### TASK DESCRIPTION
Read the material below and count the lines holding the string "dxfattribs". Give that count with nothing added.

[[ DATA UNDER STUDY, beginning ]]

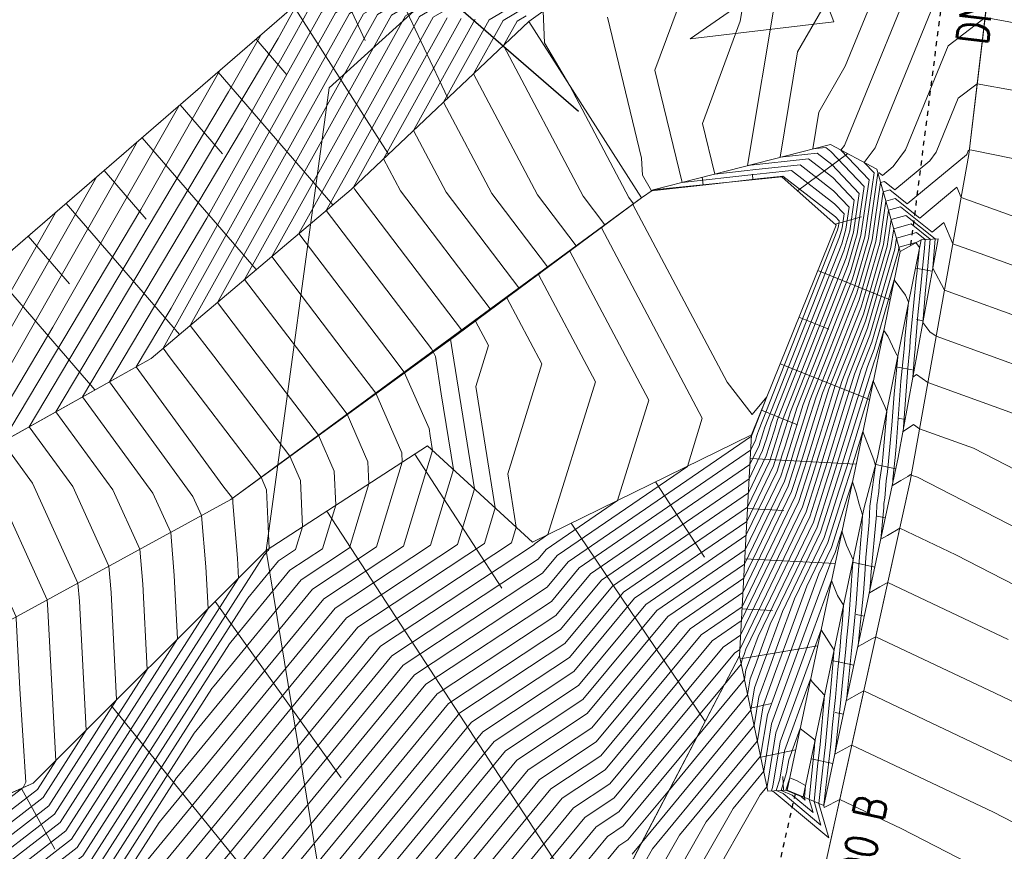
# Model space of a CAD drawing. Header units: metres. Extents: x 3490449 to 3490968, y 5754217 to 5754743.
# Tile 38 of 212: x 3490619 to 3490639, y 5754368 to 5754385. Entities that reach past the tile are written whole.
import ezdxf

# ---------------------------------------------------------------- set-up
doc = ezdxf.new("R2010")
doc.units = ezdxf.units.M
doc.header["$LTSCALE"] = 0.25
doc.linetypes.add('Kartierung-07$0$AUSGEZOGEN', pattern=[0])
doc.linetypes.add('Kartierung-07$0$STRICHLINIE', pattern=[19.05, 12.7, -6.35])
for name, color, linetype, lineweight, true_color in [('Kartierung-07$0$$BOESCHUNG', 7, 'Continuous', 18, 0x82563a), ('Kartierung-07$0$$BRUCH', 7, 'Continuous', 18, 0x82563a), ('Kartierung-07$0$$HOEHEN_Haupt', 7, 'Continuous', 18, 0x82563a), ('Kartierung-07$0$$HOEHEN_Mittel', 7, 'Continuous', 18, 0x82563a), ('Kartierung-07$0$B_Befestigt', 7, 'Continuous', 18, 0x82563a), ('Kartierung-07$0$B_Boeschung_OK', 7, 'Continuous', 18, 0x82563a), ('Kartierung-07$0$B_Boeschung_UK', 7, 'Continuous', 18, 0x82563a), ('Kartierung-07$0$B_Zaun', 7, 'Kartierung-07$0$AUSGEZOGEN', 18, 0x82563a), ('Kartierung-07$0$B_Zufahrt_Zugang', 7, 'Continuous', 18, 0x82563a), ('Kartierung-07$0$Hilfe_DGM', 7, 'Continuous', 18, 0x82563a)]:
    doc.layers.add(name, color=color, linetype=linetype, lineweight=lineweight, true_color=true_color)
for name, color, linetype, true_color in [('Kartierung-07$0$B_RW-Leitung_Aus', 7, 'Kartierung-07$0$STRICHLINIE', 0x82563a), ('Kartierung-07$0$B_RW-Leitung_Schrift_Aus', 7, 'Kartierung-07$0$AUSGEZOGEN', 0x82563a), ('Kartierung-07$0$B_Schrift_25_30Grad', 7, 'Continuous', 0x82563a)]:
    doc.layers.add(name, color=color, linetype=linetype, true_color=true_color)
doc.styles.add('Kartierung-07$0$STANDARD', font='romans.shx', dxfattribs={"width": 0.8})

# ---------------------------------------------------------------- blocks, each defined once
blk = doc.blocks.new('Kartierung-07$0$Zufahrt')
at = {"layer": 'Kartierung-07$0$B_Zufahrt_Zugang'}
for p, q in [((-0.7, -2.8), (0, 0)), ((0, 0), (0.7, -2.8)), ((-0.7, -2.8), (0.7, -2.8))]:
    blk.add_line(p, q, dxfattribs=at)

msp = doc.modelspace()

# ---------------------------------------------------------------- linework, layer by layer
at = {"layer": 'Kartierung-07$0$$BOESCHUNG', "ltscale": 0.02}
for p, q in [((3490626.497, 5754385.508, 151.959), (3490627.644, 5754383.068, 151.068)), ((3490625.552, 5754385.181, 152.087), (3490626.001, 5754384.214, 151.669)), ((3490624.607, 5754384.855, 152.215), (3490626.462, 5754381.953, 151.775)), ((3490623.826, 5754384.243, 152.312), (3490624.438, 5754383.535, 151.971)), ((3490623.069, 5754383.589, 152.404), (3490625.355, 5754380.944, 151.175)), ((3490622.313, 5754382.935, 152.496), (3490623.156, 5754381.96, 152.06)), ((3490621.556, 5754382.281, 152.589), (3490623.827, 5754379.653, 151.457)), ((3490634.615, 5754381.22), (3490635.612, 5754381.963)), ((3490620.8, 5754381.627, 152.681), (3490621.637, 5754380.658, 152.281)), ((3490632.73, 5754381.342), (3490632.715, 5754381.493)), ((3490633.725, 5754381.442), (3490633.714, 5754381.554)), ((3490620.043, 5754380.973, 152.774), (3490622.299, 5754378.362, 151.739)), ((3490635.362, 5754380.555), (3490635.886, 5754380.702)), ((3490619.286, 5754380.32, 152.866), (3490620.106, 5754379.371, 152.504)), ((3490618.53, 5754379.666, 152.959), (3490620.612, 5754377.256, 152.055)), ((3490635.016, 5754379.634), (3490636.458, 5754379.053)), ((3490637.294, 5754379.619), (3490636.96, 5754379.68)), ((3490634.642, 5754378.707), (3490635.238, 5754378.467)), ((3490637.116, 5754378.635), (3490636.986, 5754378.659)), ((3490634.268, 5754377.779), (3490636.046, 5754377.063)), ((3490636.937, 5754377.651), (3490636.569, 5754377.718)), ((3490633.894, 5754376.852), (3490634.614, 5754376.562)), ((3490636.759, 5754376.667), (3490636.616, 5754376.693)), ((3490626.987, 5754375.98), (3490628.721, 5754373.307)), ((3490633.67, 5754375.891), (3490635.78, 5754375.776)), ((3490636.573, 5754375.685), (3490636.172, 5754375.771)), ((3490631.784, 5754375.424), (3490632.759, 5754373.922)), ((3490625.237, 5754374.844), (3490630.632, 5754366.568)), ((3490633.616, 5754374.893), (3490634.339, 5754374.853)), ((3490630.103, 5754374.602), (3490632.773, 5754370.654)), ((3490636.364, 5754374.707), (3490636.198, 5754374.743)), ((3490633.561, 5754373.894), (3490635.361, 5754373.796)), ((3490636.155, 5754373.729), (3490635.709, 5754373.825)), ((3490623.009, 5754373.042, -0.325), (3490625.518, 5754369.53, -1.714)), ((3490633.506, 5754372.896), (3490634.115, 5754372.862)), ((3490635.946, 5754372.751), (3490635.782, 5754372.786)), ((3490633.467, 5754371.898), (3490635.015, 5754372.159)), ((3490635.736, 5754371.773), (3490635.297, 5754371.867)), ((3490620.937, 5754370.973, 151.906), (3490628.393, 5754361.781, 148.577)), ((3490633.674, 5754370.92), (3490634.092, 5754371.008)), ((3490635.527, 5754370.796), (3490635.366, 5754370.83)), ((3490633.881, 5754369.942), (3490634.576, 5754370.089)), ((3490635.318, 5754369.818), (3490634.886, 5754369.91)), ((3490634.333, 5754369.281), (3490634.32, 5754369.558)), ((3490619.152, 5754369.32, 150.059), (3490619.817, 5754368.111, 147.986))]:
    msp.add_line(p, q, dxfattribs=at)
at = {"layer": 'Kartierung-07$0$$BRUCH', "ltscale": 0.02}
for p, q in [((3490638.028, 5754381.946), (3490638.955, 5754389.833)), ((3490630.257, 5754385.314), (3490629.26, 5754384.593)), ((3490612.877, 5754374.781), (3490624.486, 5754384.813)), ((3490629.26, 5754384.593), (3490625.718, 5754381.251)), ((3490631.507, 5754381.083), (3490629.26, 5754384.593)), ((3490631.735, 5754381.242), (3490635.267, 5754382.147)), ((3490635.267, 5754382.147), (3490636.191, 5754381.654)), ((3490636.858, 5754375.441), (3490638.028, 5754381.946)), ((3490636.191, 5754381.654), (3490636.657, 5754380.016)), ((3490631.735, 5754381.242), (3490634.302, 5754381.5)), ((3490634.302, 5754381.5), (3490635.381, 5754380.538)), ((3490625.718, 5754381.251), (3490621.733, 5754377.884)), ((3490623.319, 5754375.072), (3490631.507, 5754381.083)), ((3490631.507, 5754381.083), (3490631.735, 5754381.242)), ((3490635.381, 5754380.538), (3490633.696, 5754376.36)), ((3490636.209, 5754375.908), (3490637.073, 5754380.247)), ((3490637.412, 5754380.269), (3490636.621, 5754375.907)), ((3490637.073, 5754380.247), (3490636.657, 5754380.016)), ((3490637.073, 5754380.247), (3490637.412, 5754380.269)), ((3490636.657, 5754380.016), (3490635.758, 5754375.671)), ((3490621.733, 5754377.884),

[[ DATA UNDER STUDY, end ]]

### REPLY
3